Он рассказывал мне (бредущему в облаках известковой пыли по Москательной улице) о жизни человечества, он пытался очертить ее исторически, философски, научно. Могучие материки его романов, где фантазия заставляла бешено листать страницы, омывались благодатными потоками лирики. Его гуманистический романтизм одерживал бескровные победы над жалкой действительностью... Он набатно бил в колокол: "Проснитесь, человек бедствует, народ раздавлен несправедливостью..."
Это было хорошо и грандиозно - будить человечество. Но дальнейшее принадлежало уже не ему. Для дальнейших действий нужны были не затуманенные идеализмом умы. Для анализа реальной жизни нужны были трезвая материалистическая философия и реальное искусство, подобное реализму Бальзака.

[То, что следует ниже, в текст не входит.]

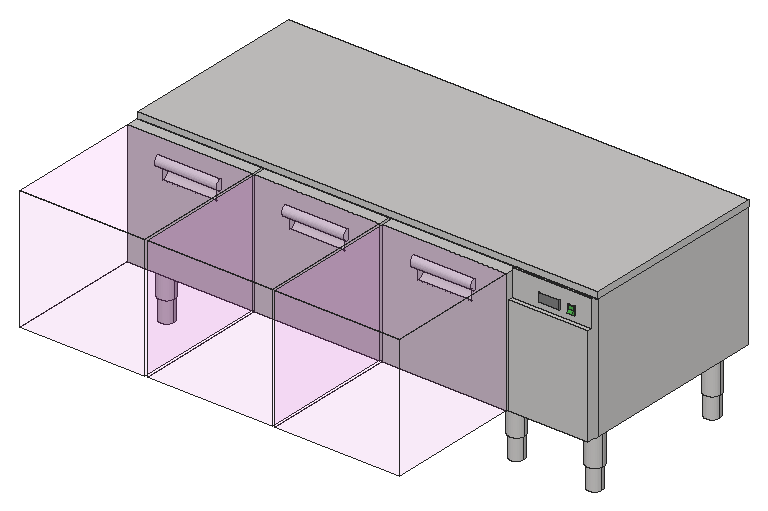
Revit family "QF_ZANUSSI_372292_Z7TTAECOMKN", category Specialty Equipment, Revit 2021 (continued)
Automatic sketch dimensions
  Split face 28 sketch curve to Split face 28 sketch curve = 31.959 mm
  Split face 28 sketch curve to Extrusion 4 = 82.208 mm
  Split face 28 sketch curve to Split face 28 sketch curve = 4 mm
  Split face 29 sketch curve to Extrusion 4 = 39 mm
  Split face 29 sketch curve to Split face 29 sketch curve = 0.02 mm  (x2)
  Split face 29 sketch curve to Split face 29 sketch curve = 31.959 mm
  Split face 29 sketch curve to Extrusion 4 = 94.208 mm
  Split face 29 sketch curve to Split face 29 sketch curve = 4 mm
  Split face 30 sketch curve to Extrusion 4 = 94 mm
  Split face 30 sketch curve to Split face 30 sketch curve = 0.02 mm  (x2)
  Split face 30 sketch curve to Split face 30 sketch curve = 31.959 mm
  Split face 30 sketch curve to Extrusion 4 = 118.896 mm
  Split face 30 sketch curve to Split face 30 sketch curve = 4 mm
  Split face 31 sketch curve to Extrusion 4 = 94 mm
  Split face 31 sketch curve to Split face 31 sketch curve = 0.02 mm  (x2)
  Split face 31 sketch curve to Split face 31 sketch curve = 31.959 mm
  Split face 31 sketch curve to Extrusion 4 = 106.896 mm
  Split face 31 sketch curve to Split face 31 sketch curve = 4 mm
  Split face 32 sketch curve to Extrusion 4 = 94 mm
  Split face 32 sketch curve to Split face 32 sketch curve = 0.02 mm  (x2)
  Split face 32 sketch curve to Split face 32 sketch curve = 31.959 mm
  Split face 32 sketch curve to Extrusion 4 = 94.897 mm
  Split face 32 sketch curve to Split face 32 sketch curve = 4 mm
  Split face 33 sketch curve to Extrusion 4 = 94 mm
  Split face 33 sketch curve to Split face 33 sketch curve = 0.02 mm  (x2)
  Split face 33 sketch curve to Split face 33 sketch curve = 31.959 mm
  Split face 33 sketch curve to Extrusion 4 = 82.999 mm
  Split face 33 sketch curve to Split face 33 sketch curve = 4 mm
  Split face 34 sketch curve to Extrusion 4 = 94 mm
  Split face 34 sketch curve to Split face 34 sketch curve = 0.02 mm  (x2)
  Split face 34 sketch curve to Split face 34 sketch curve = 31.959 mm
  Split face 34 sketch curve to Extrusion 4 = 71 mm
  Split face 34 sketch curve to Split face 34 sketch curve = 4 mm
  Split face 35 sketch curve to Extrusion 4 = 94 mm
  Split face 35 sketch curve to Split face 35 sketch curve = 0.02 mm  (x2)
  Split face 35 sketch curve to Split face 35 sketch curve = 31.959 mm
  Split face 35 sketch curve to Extrusion 4 = 59 mm
  Split face 35 sketch curve to Split face 35 sketch curve = 4 mm
  Split face 36 sketch curve to Extrusion 4 = 94 mm
  Split face 36 sketch curve to Split face 36 sketch curve = 0.02 mm  (x2)
  Split face 36 sketch curve to Split face 36 sketch curve = 31.959 mm
  Split face 36 sketch curve to Extrusion 4 = 47 mm
  Split face 36 sketch curve to Split face 36 sketch curve = 4 mm
  Split face 37 sketch curve to Extrusion 4 = 31 mm
  Split face 37 sketch curve to Extrusion 4 = 94 mm
  Split face 37 sketch curve to Split face 37 sketch curve = 0.02 mm  (x2)
  Split face 37 sketch curve to Split face 37 sketch curve = 31.959 mm
  Split face 37 sketch curve to Split face 37 sketch curve = 4 mm
  Split face 38 sketch curve to Extrusion 4 = 19 mm
  Split face 38 sketch curve to Extrusion 4 = 94 mm
  Split face 38 sketch curve to Split face 38 sketch curve = 0.02 mm  (x2)
  Split face 38 sketch curve to Split face 38 sketch curve = 31.959 mm
  Split face 38 sketch curve to Split face 38 sketch curve = 4 mm
  Split face 39 sketch curve to Extrusion 4 = 94 mm
  Split face 39 sketch curve to Split face 39 sketch curve = 0.02 mm  (x2)
  Split face 39 sketch curve to Split face 39 sketch curve = 31.959 mm
  Split face 39 sketch curve to Extrusion 4 = 130.896 mm
  Split face 39 sketch curve to Split face 39 sketch curve = 4 mm
  Split face 40 sketch curve to Extrusion 4 = 94 mm
  Split face 40 sketch curve to Split face 40 sketch curve = 0.02 mm  (x2)
  Split face 40 sketch curve to Split face 40 sketch curve = 31.959 mm
  Split face 40 sketch curve to Extrusion 4 = 118.208 mm
  Split face 40 sketch curve to Split face 40 sketch curve = 4 mm
  Split face 41 sketch curve to Extrusion 4 = 94 mm
  Split face 41 sketch curve to Split face 41 sketch curve = 0.02 mm  (x2)
  Split face 41 sketch curve to Split face 41 sketch curve = 31.959 mm
  Split face 41 sketch curve to Extrusion 4 = 130.208 mm
  Split face 41 sketch curve to Split face 41 sketch curve = 4 mm
  Split face 42 sketch curve to Extrusion 4 = 94 mm
  Split face 42 sketch curve to Split face 42 sketch curve = 0.02 mm  (x2)
  Split face 42 sketch curve to Split face 42 sketch curve = 31.959 mm
  Split face 42 sketch curve to Extrusion 4 = 142.208 mm
  Split face 42 sketch curve to Split face 42 sketch curve = 4 mm
  Split face 43 sketch curve to Extrusion 4 = 94 mm
  Split face 43 sketch curve to Split face 43 sketch curve = 0.02 mm  (x2)
  Split face 43 sketch curve to Split face 43 sketch curve = 31.959 mm
  Split face 43 sketch curve to Extrusion 4 = 154.896 mm
  Split face 43 sketch curve to Split face 43 sketch curve = 4 mm
  Split face 44 sketch curve to Extrusion 4 = 94 mm
  Split face 44 sketch curve to Split face 44 sketch curve = 0.02 mm  (x2)
  Split face 44 sketch curve to Split face 44 sketch curve = 31.959 mm
  Split face 44 sketch curve to Extrusion 4 = 142.896 mm
  Split face 44 sketch curve to Split face 44 sketch curve = 4 mm
  Split face 45 sketch curve to Extrusion 4 = 94 mm
  Split face 45 sketch curve to Split face 45 sketch curve = 0.02 mm  (x2)
  Split face 45 sketch curve to Split face 45 sketch curve = 31.959 mm
  Split face 45 sketch curve to Extrusion 4 = 106.208 mm
  Split face 45 sketch curve to Split face 45 sketch curve = 4 mm
  Split face 46 sketch curve to Extrusion 4 = 14.312 mm
  Split face 46 sketch curve to Extrusion 4 = 94 mm
  Split face 46 sketch curve to Split face 46 sketch curve = 0.02 mm  (x2)
  Split face 46 sketch curve to Extrusion 4 = 10.312 mm
  Split face 46 sketch curve to Split face 46 sketch curve = 31.959 mm
  Split face 47 sketch curve to Extrusion 4 = 26.312 mm
  Split face 47 sketch curve to Extrusion 4 = 94 mm
  Split face 47 sketch curve to Split face 47 sketch curve = 0.02 mm  (x2)
  Split face 47 sketch curve to Split face 47 sketch curve = 31.959 mm
  Split face 47 sketch curve to Split face 47 sketch curve = 4 mm
  Split face 48 sketch curve to Extrusion 4 = 38.311 mm
  Split face 48 sketch curve to Extrusion 4 = 94 mm
  Split face 48 sketch curve to Split face 48 sketch curve = 0.02 mm  (x2)
  Split face 48 sketch curve to Split face 48 sketch curve = 31.959 mm
  Split face 48 sketch curve to Split face 48 sketch curve = 4 mm
  Split face 49 sketch curve to Extrusion 4 = 94 mm
  Split face 49 sketch curve to Split face 49 sketch curve = 0.02 mm  (x2)
  Split face 49 sketch curve to Split face 49 sketch curve = 31.959 mm
  Split face 49 sketch curve to Extrusion 4 = 46.209 mm
  Split face 49 sketch curve to Split face 49 sketch curve = 4 mm
  Split face 50 sketch curve to Extrusion 4 = 94 mm
  Split face 50 sketch curve to Split face 50 sketch curve = 0.02 mm  (x2)
  Split face 50 sketch curve to Split face 50 sketch curve = 31.959 mm
  Split face 50 sketch curve to Extrusion 4 = 58.208 mm
  Split face 50 sketch curve to Split face 50 sketch curve = 4 mm
  Split face 51 sketch curve to Extrusion 4 = 94 mm
  Split face 51 sketch curve to Split face 51 sketch curve = 0.02 mm  (x2)
  Split face 51 sketch curve to Split face 51 sketch curve = 31.959 mm
  Split face 51 sketch curve to Extrusion 4 = 70.208 mm
  Split face 51 sketch curve to Split face 51 sketch curve = 4 mm
  Split face 52 sketch curve to Extrusion 4 = 94 mm
  Split face 52 sketch curve to Split face 52 sketch curve = 0.02 mm  (x2)
  Split face 52 sketch curve to Split face 52 sketch curve = 31.959 mm
  Split face 52 sketch curve to Extrusion 4 = 82.208 mm
  Split face 52 sketch curve to Split face 52 sketch curve = 4 mm
  Split face 53 sketch curve to Extrusion 4 = 94 mm
  Split face 53 sketch curve to Split face 53 sketch curve = 0.02 mm  (x2)
  Split face 53 sketch curve to Split face 53 sketch curve = 31.959 mm
  Split face 53 sketch curve to Extrusion 4 = 94.208 mm
  Split face 53 sketch curve to Split face 53 sketch curve = 4 mm
  Split face 54 sketch curve to Extrusion 4 = 149 mm
  Split face 54 sketch curve to Split face 54 sketch curve = 0.02 mm  (x2)
  Split face 54 sketch curve to Split face 54 sketch curve = 31.959 mm
  Split face 54 sketch curve to Extrusion 4 = 118.896 mm
  Split face 54 sketch curve to Split face 54 sketch curve = 4 mm
  Split face 55 sketch curve to Extrusion 4 = 149 mm
  Split face 55 sketch curve to Split face 55 sketch curve = 0.02 mm  (x2)
  Split face 55 sketch curve to Split face 55 sketch curve = 31.959 mm
  Split face 55 sketch curve to Extrusion 4 = 106.896 mm
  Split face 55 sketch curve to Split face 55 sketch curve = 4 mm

Ошибка Гюго была не в его риторике, на которую так часто указывала критика, риторике, непомерно возросшей в последние годы его творчества, когда он, "желая подняться до небес, зашатался, опьяненный метафорами, когда ему стало казаться, что он проносится через миры, сидя верхом на хвосте кометы".
Мир образов Гюго был неподвижен. В центре его мироздания лежали абстрактная идея всеобщего блага и уверенность во всемогуществе человеческой совести, которой нужно лишь указать на зло, чтобы уничтожить его.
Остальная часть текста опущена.